What is your favorite jerk pork recipe, made with fresh ingredients (not bottled). Please share! IRIE! *IG

----------


## Nick

Since I do use and tweek the Walkerswood with some Grace Dry Boston Jerk Seasoning and olive oil, that part of the jerk pork is out; However as far as the meat is concerned, I use a bone in loin that I get from my local butcher.  They call it a country style rib, but it's from higher up the animal then the country style ribs that I see in the grocery store, very tender and with a lot of flavor.(fat and bone = flavor) They look like small T Bone Steaks.  I cook low and slow, about one and a half to two hours, indirect, using a combo of charcoal and green cherry wood for flame and smoke.  DO NOT over smoke.  Laying a chunk of green cherry or apple wood (about 10 inches long and about two inches thick) on the charcoal works very well for me in a covered cooker.  Add a few pieces of charcoal as needed.
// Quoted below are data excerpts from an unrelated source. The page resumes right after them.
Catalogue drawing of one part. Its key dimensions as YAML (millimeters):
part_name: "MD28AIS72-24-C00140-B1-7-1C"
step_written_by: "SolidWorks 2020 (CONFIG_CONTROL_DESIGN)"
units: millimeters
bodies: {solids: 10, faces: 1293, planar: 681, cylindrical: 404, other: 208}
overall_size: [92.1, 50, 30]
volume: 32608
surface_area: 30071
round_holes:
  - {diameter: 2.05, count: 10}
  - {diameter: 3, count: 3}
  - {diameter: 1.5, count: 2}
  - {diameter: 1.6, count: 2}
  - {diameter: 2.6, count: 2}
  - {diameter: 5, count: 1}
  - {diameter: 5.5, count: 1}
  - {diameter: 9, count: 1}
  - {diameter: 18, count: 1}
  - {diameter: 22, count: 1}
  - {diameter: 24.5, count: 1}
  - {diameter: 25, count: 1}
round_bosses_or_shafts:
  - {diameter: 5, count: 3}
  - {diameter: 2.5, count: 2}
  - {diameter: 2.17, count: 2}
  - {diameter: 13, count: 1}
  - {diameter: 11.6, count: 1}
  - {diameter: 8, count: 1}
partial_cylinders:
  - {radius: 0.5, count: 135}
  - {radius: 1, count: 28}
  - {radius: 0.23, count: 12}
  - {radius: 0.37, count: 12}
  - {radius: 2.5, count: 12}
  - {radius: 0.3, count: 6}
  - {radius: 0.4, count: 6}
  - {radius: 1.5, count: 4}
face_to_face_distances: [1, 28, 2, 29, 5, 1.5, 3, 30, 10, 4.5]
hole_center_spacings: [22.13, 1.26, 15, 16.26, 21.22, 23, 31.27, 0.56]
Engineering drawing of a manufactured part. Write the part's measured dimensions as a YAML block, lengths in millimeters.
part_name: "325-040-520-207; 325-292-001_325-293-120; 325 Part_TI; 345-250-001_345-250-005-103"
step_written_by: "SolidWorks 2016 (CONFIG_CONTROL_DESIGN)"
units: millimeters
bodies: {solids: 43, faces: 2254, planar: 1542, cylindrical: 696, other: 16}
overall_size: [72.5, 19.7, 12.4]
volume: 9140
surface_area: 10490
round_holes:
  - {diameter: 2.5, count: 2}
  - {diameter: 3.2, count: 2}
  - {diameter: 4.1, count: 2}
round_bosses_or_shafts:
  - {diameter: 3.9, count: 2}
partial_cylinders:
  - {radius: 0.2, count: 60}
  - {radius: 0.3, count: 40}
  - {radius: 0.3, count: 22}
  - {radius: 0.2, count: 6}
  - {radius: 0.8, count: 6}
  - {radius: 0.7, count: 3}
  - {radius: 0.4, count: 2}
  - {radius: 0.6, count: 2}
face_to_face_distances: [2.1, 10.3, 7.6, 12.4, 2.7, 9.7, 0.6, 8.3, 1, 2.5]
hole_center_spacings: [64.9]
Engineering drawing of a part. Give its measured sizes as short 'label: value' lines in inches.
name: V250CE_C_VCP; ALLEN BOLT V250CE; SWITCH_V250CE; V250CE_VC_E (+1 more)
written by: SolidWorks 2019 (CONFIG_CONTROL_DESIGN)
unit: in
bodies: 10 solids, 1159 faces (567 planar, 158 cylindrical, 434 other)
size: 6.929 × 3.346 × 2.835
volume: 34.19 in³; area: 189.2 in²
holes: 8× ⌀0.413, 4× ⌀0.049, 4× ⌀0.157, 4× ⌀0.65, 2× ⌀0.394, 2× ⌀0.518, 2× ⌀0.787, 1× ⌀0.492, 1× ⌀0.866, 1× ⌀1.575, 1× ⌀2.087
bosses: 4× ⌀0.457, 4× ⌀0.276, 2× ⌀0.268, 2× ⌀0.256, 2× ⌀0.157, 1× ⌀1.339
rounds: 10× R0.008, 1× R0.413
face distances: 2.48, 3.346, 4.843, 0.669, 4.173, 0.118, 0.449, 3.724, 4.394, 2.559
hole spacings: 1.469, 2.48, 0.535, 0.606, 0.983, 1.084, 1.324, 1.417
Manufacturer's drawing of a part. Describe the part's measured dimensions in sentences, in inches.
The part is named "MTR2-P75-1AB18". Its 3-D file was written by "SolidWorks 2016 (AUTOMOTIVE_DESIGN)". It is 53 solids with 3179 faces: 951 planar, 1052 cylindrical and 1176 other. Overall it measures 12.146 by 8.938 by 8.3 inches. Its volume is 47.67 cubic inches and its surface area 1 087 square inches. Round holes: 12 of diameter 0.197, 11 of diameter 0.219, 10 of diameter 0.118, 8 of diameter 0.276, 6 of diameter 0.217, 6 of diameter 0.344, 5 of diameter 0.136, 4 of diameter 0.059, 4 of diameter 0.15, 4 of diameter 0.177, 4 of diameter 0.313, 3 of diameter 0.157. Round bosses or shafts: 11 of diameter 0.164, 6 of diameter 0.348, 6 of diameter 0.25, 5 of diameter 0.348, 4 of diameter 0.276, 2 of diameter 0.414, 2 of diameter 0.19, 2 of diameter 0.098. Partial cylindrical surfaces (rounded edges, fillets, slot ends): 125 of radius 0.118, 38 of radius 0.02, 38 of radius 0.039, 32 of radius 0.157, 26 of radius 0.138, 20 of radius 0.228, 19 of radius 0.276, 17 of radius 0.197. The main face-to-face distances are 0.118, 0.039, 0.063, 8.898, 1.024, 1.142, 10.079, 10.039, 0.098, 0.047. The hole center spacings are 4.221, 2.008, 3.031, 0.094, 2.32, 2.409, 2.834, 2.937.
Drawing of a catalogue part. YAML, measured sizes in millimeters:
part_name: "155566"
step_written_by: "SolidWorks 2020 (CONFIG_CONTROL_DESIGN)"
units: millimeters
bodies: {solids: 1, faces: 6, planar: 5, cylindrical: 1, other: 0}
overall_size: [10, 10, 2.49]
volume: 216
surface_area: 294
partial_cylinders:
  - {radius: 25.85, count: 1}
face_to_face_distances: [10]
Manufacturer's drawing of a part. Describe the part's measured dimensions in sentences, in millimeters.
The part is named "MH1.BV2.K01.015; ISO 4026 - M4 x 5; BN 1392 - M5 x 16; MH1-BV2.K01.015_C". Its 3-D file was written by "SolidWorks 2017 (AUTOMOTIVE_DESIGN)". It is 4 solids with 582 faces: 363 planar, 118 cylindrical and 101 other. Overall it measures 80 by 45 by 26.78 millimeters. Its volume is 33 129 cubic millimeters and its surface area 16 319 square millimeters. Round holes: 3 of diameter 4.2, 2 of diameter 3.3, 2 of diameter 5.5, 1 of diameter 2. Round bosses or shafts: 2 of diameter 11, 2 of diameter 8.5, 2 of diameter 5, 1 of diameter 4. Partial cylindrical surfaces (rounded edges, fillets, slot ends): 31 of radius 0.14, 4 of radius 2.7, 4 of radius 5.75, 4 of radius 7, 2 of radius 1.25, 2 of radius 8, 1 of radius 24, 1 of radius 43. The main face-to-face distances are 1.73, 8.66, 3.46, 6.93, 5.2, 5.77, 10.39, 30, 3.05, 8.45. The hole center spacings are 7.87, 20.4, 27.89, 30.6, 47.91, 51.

I do move the meat around the cooker, alternating sides and rotating the pieces around the cooker and finally pulling them off when the meat gives like that muscle under your thumb when pushed with your finger.  (medium).

----------


## Island Girl

Thanks Nick; great advice on picking and cooking the meat. I never was sure which cut to use, and have only tried cutlet in the past. IRIE! *IG

----------